Your insurance will very likely be void if you are running over stock power in any way.

Any mods and short of a nasty legal battle involving the insurance ombudsman and you will get nothing.

Ring competition car insurance now. Do not drive your car or leave it on the public road until you have this sorted.


----------



## spiceykam (Jul 6, 2012)

Hi,

Well I have spent up £4k on body parts, so will contact them for a quote asap, appreciate the reply, I just thought body styling just wouldn't be covered, not affecting the overall insurance.


----------



## TomS (Mar 21, 2012)

A-Plan have covered all my performance and cosmetic mods


----------



## spiceykam (Jul 6, 2012)

Update:

Just mentioned to insurance company, had £4k of carbon fibre fitted, bonnet and diffuser, guess what the additional premium is: £9. Thanks guys, skool boy error but at least I am now covered for the cosmetics.


----------



## snuffy (Mar 26, 2014)

Your first post implies both engine mods and body mods without telling them.
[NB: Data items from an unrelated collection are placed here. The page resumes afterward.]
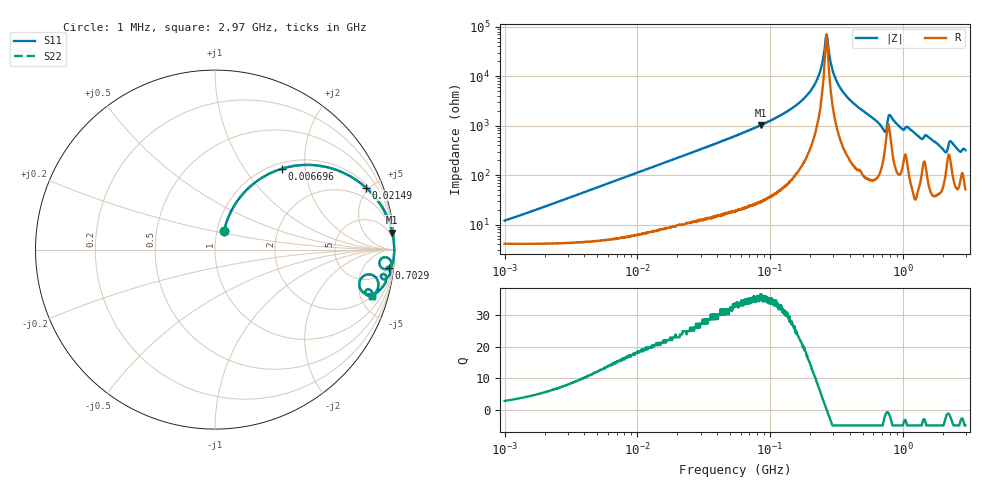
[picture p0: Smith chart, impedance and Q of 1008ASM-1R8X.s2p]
!s-Parameter Generated by FASTRON Sdn. Bhd.
!FASTRON P/N : 1008ASM-1R8X
!Keysight Technologies: E4991B_MY54100416_A.01.15
!Date: Tue Nov 21 10:04:49 2023
!Version  :Rev00  Wed Nov 22 15:07:25 2023
!Data & Calibration Information:
!Freq  S11  S21  S12  S22
!PortZ  Port1:50+j0  Port2:50+j0
!When reading reference impedance value at option line is always used.
! Remarks : This data is being provided solely for informational purposes.
# Hz S dB R 50
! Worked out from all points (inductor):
!   1599 points, 1 MHz to 2.97 GHz, reference 50 ohm
!   read as one part in series: L = 1.81 uH near 1.083 MHz
!   highest Q = 35.8 at 85.93 MHz (marker M1), where L = 1.92 uH
!   self-resonance near 266.3 MHz
!   S11 on the Smith chart (normalised r, x): 1 MHz: 1.08, +0.23; 6.696 MHz: 1.10, +1.51; 21.49 MHz: 1.20, +4.78; 702.9 MHz: 4, -18; 2.97 GHz: 2.03, -6.30
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1000000  -18.80 63.9  -0.40 -6.2  -0.40 -6.2  -18.80 63.9
3804036  -8.34 61.8  -1.06 -22.4  -1.06 -22.4  -8.34 61.8
6696013  -4.67 50.5  -2.24 -35.7  -2.24 -35.7  -4.67 50.5
1.439846e7  -1.60 31.1  -5.73 -56.2  -5.73 -56.2  -1.60 31.1
2.148682e7  -0.83 22.3  -8.39 -65.3  -8.39 -65.3  -0.83 22.3
5.477226e7  -0.15 9.1  -16.00 -79.2  -16.00 -79.2  -0.15 9.1
8.593077e7  -0.06 5.5  -20.40 -82.9  -20.40 -82.9  -0.06 5.5
1.505037e8  -0.02 2.4  -27.50 -85.4  -27.50 -85.4  -0.02 2.4
2.073156e8  -0.01 1.0  -34.90 -84.5  -34.90 -84.5  -0.01 1.0
2.373059e8  -0.01 0.5  -41.50 -80.1  -41.50 -80.1  -0.01 0.5
2.675872e8  -0.01 -0.0  -56.90 7.3  -56.90 7.3  -0.01 -0.0
2.987278e8  -0.01 -0.5  -41.80 79.3  -41.80 79.3  -0.01 -0.5
3.402349e8  -0.01 -1.0  -35.10 83.9  -35.10 83.9  -0.01 -1.0
7.028992e8  -0.22 -6.1  -19.30 73.6  -19.30 73.6  -0.22 -6.1
7.38967e8  -0.61 -6.2  -18.10 54.0  -18.10 54.0  -0.61 -6.2
7.846996e8  -0.36 -2.6  -24.40 46.8  -24.40 46.8  -0.36 -2.6
9.878038e8  -0.20 -6.5  -18.90 75.0  -18.90 75.0  -0.20 -6.5
1.629261e9  -0.28 -10.3  -14.90 74.9  -14.90 74.9  -0.28 -10.3
2.061253e9  -1.01 -16.3  -10.80 59.9  -10.80 59.9  -1.01 -16.3
2.289646e9  -0.82 -9.9  -14.60 56.5  -14.60 56.5  -0.82 -9.9
2.660507e9  -0.88 -16.6  -10.70 62.5  -10.70 62.5  -0.88 -16.6
2.970126e9  -0.79 -16.4  -10.90 64.3  -10.90 64.3  -0.79 -16.4
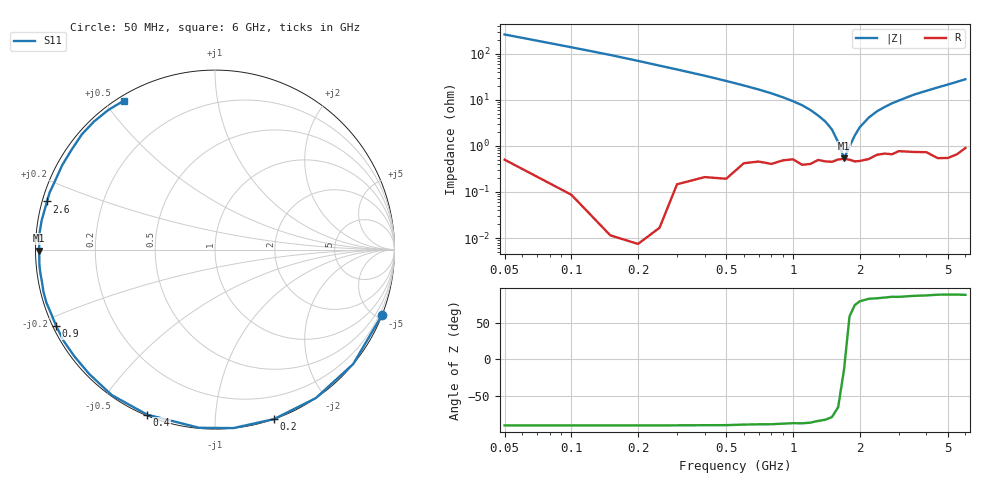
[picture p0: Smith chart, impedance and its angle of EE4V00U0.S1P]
! Infineon Technologies  Discrete & RF Semiconductors
! BBY55-02W
! Si Tuning Diode in SCD-80
! VR = 4 V
! S-Parameters:  June  2000
# GHz  S  MA  R  50
!  f  S11
! GHz  MAG  ANG
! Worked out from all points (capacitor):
!   34 points, 50 MHz to 6 GHz, reference 50 ohm
!   read as one part to ground: C = 11.4 pF near 50 MHz
!   lowest |Z| = 542 mohm at 1.7 GHz (marker M1)
!   series resonance near 1.714 GHz, so ESL is about 760 pH
!   S11 on the Smith chart (normalised r, x): 50 MHz: 0.01, -5.27; 200 MHz: 0.00, -1.41; 400 MHz: 0.00, -0.67; 900 MHz: 0.01, -0.23; 2.6 GHz: 0.01, +0.14; 6 GHz: 0.02, +0.56
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0.05  0.9993 -21.5
0.1  0.9996 -39.6
0.15  0.9999 -55.8
0.2  0.9999 -70.8
0.25  0.9997 -84.1
0.3  0.9968 -95.1
0.4  0.9942 -112.4
0.5  0.9939 -125.4
0.6  0.9857 -135.3
0.7  0.9837 -142.8
0.8  0.985 -149.0
0.9  0.9817 -154.3
1  0.9804 -158.8
1.1  0.9849 -162.6
1.2  0.9841 -166.3
1.3  0.9805 -169.6
1.6  0.9799 -177.5
1.7  0.9792 -179.7
2  0.9814 174.3
2.4  0.9748 167.1
2.6  0.9736 164.0
2.8  0.9747 160.9
3.5  0.9726 151.1
4  0.9737 145.1
4.5  0.9811 139.1
5  0.9817 133.4
5.5  0.979 127.4
6  0.9729 121.4

You have told them about having stage 4 ?


----------



## spiceykam (Jul 6, 2012)

Hi snuffy, 

Just shopping around, there seem to be a couple of insurance companies that will cover the Stage4, would be useful if Tuning companies gave guidance, or hinted at certain brokers that will cover, and what the expected premium increase could be.


----------



## snuffy (Mar 26, 2014)

spiceykam said:


> Hi snuffy,
> 
> Just shopping around, there seem to be a couple of insurance companies that will cover the Stage4, would be useful if Tuning companies gave guidance, or hinted at certain brokers that will cover, and what the expected premium increase could be.


I'm thinking of stage 2 myself and the insurance is something I'm going to have to have a look at, i.e. ask my current company what the premium will be. I'm not paying that much at the moment (i.e. less than the car tax !) so I don't want it going up too much.


----------



## Karejoca (Mar 5, 2014)

My experience:

Last week I had an SVM 650R upgrade - my premium with Admiral went up by approx 20% to cover this.

Admiral didn't recognise the Stage 4.25 terminology - instead they based the premium on a 25% power increase PLUS the addition of an aftermarket performance exhaust - so HOPE that covers me!


----------



## 5star (Nov 17, 2014)

Typically, what does the insurer ask, and how long does it take them to work out cover? Do they usually quote a premium straight away (e.g. based on something simple like value of mods), or do they generally refer it for a risk analysis?


----------



## snuffy (Mar 26, 2014)

Karejoca said:


> My experience:
> 
> Last week I had an SVM 650R upgrade - my premium with Admiral went up by approx 20% to cover this.
> 
> Admiral didn't recognise the Stage 4.25 terminology - instead they based the premium on a 25% power increase PLUS the addition of an aftermarket performance exhaust - so HOPE that covers me!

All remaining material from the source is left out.